## Task directions:
Which lines of the entries below hold the word "WASHER"? Report each of them.

Dataset entries below:

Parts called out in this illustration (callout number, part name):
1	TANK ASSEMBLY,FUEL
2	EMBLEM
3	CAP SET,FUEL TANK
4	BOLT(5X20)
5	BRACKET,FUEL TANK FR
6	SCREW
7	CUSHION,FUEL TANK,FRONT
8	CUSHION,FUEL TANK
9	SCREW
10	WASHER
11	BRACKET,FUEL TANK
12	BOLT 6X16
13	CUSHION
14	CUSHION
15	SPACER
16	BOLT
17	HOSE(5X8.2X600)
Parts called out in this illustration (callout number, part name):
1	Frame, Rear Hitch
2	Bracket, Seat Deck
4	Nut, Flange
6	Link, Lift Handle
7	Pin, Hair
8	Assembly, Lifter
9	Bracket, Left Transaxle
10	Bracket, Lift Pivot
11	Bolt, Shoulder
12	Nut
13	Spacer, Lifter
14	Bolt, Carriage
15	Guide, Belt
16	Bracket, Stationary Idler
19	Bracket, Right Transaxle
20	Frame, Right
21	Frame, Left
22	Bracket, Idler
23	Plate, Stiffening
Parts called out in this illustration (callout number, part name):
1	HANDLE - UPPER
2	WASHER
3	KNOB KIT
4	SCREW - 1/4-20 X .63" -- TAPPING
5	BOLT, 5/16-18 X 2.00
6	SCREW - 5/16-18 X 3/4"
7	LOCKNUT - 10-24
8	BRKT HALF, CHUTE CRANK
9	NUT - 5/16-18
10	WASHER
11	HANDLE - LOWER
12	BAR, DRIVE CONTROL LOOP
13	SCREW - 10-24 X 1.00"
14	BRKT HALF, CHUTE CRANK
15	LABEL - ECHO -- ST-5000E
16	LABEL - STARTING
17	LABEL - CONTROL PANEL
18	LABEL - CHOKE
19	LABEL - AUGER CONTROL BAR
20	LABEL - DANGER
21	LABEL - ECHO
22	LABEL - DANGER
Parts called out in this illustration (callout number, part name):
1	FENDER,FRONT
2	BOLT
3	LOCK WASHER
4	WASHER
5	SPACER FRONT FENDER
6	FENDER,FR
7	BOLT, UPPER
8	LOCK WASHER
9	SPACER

End of Dataset entries.

## Result of the exercise:
10	WASHER
2	WASHER
10	WASHER
3	LOCK WASHER
4	WASHER
8	LOCK WASHER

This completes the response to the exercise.